From the entries below, gather every line containing the string "Smith".

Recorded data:
::::::
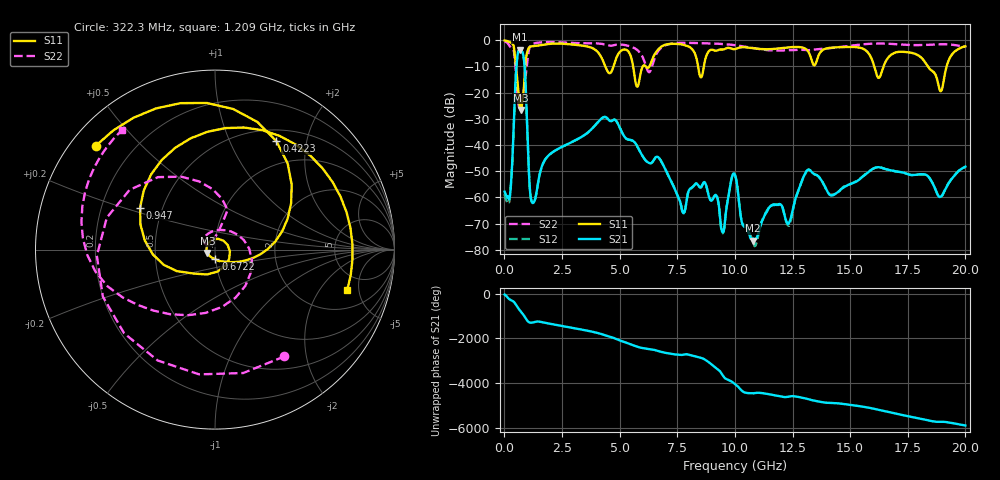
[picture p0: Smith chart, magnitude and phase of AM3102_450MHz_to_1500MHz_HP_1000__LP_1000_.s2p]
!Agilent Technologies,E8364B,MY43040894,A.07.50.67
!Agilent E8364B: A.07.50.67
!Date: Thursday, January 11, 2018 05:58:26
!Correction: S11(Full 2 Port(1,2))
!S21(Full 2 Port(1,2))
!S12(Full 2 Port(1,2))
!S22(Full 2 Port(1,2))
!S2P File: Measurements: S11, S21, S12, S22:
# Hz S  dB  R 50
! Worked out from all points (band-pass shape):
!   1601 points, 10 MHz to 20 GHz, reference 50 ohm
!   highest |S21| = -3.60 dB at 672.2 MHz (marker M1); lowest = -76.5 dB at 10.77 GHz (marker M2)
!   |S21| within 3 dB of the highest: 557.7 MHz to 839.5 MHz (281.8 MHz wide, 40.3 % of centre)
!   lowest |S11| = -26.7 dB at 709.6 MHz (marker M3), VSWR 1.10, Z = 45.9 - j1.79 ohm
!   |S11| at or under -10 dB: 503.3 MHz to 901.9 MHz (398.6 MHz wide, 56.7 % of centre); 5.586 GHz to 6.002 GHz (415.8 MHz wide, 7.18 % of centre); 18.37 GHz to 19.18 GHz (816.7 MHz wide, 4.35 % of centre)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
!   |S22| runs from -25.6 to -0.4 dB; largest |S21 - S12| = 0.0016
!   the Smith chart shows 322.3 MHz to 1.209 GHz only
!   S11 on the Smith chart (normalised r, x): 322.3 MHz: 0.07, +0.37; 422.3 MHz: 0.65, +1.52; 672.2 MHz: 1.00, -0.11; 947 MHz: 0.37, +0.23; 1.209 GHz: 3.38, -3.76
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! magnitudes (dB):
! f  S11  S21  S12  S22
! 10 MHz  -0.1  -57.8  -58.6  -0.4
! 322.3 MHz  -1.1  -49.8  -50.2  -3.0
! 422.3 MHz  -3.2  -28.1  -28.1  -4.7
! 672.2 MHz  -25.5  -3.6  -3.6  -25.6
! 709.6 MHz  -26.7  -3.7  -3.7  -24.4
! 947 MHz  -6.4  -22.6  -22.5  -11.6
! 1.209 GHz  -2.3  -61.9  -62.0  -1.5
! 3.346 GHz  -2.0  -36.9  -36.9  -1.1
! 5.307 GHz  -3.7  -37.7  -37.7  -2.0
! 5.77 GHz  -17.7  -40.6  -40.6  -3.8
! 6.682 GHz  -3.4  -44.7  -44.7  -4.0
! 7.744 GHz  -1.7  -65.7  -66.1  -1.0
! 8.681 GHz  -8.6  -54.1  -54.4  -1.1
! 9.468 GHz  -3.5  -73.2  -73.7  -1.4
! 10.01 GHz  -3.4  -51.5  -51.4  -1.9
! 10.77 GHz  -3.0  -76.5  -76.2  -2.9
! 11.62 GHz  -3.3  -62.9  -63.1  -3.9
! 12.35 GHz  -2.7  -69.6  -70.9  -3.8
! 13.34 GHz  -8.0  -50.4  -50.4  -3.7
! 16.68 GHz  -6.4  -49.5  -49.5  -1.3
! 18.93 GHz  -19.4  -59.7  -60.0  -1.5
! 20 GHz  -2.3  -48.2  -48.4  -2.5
::::::
### THE COMPLETED TASK:
[picture p0: Smith chart, magnitude and phase of AM3102_450MHz_to_1500MHz_HP_1000__LP_1000_.s2p]
!   the Smith chart shows 322.3 MHz to 1.209 GHz only
!   S11 on the Smith chart (normalised r, x): 322.3 MHz: 0.07, +0.37; 422.3 MHz: 0.65, +1.52; 672.2 MHz: 1.00, -0.11; 947 MHz: 0.37, +0.23; 1.209 GHz: 3.38, -3.76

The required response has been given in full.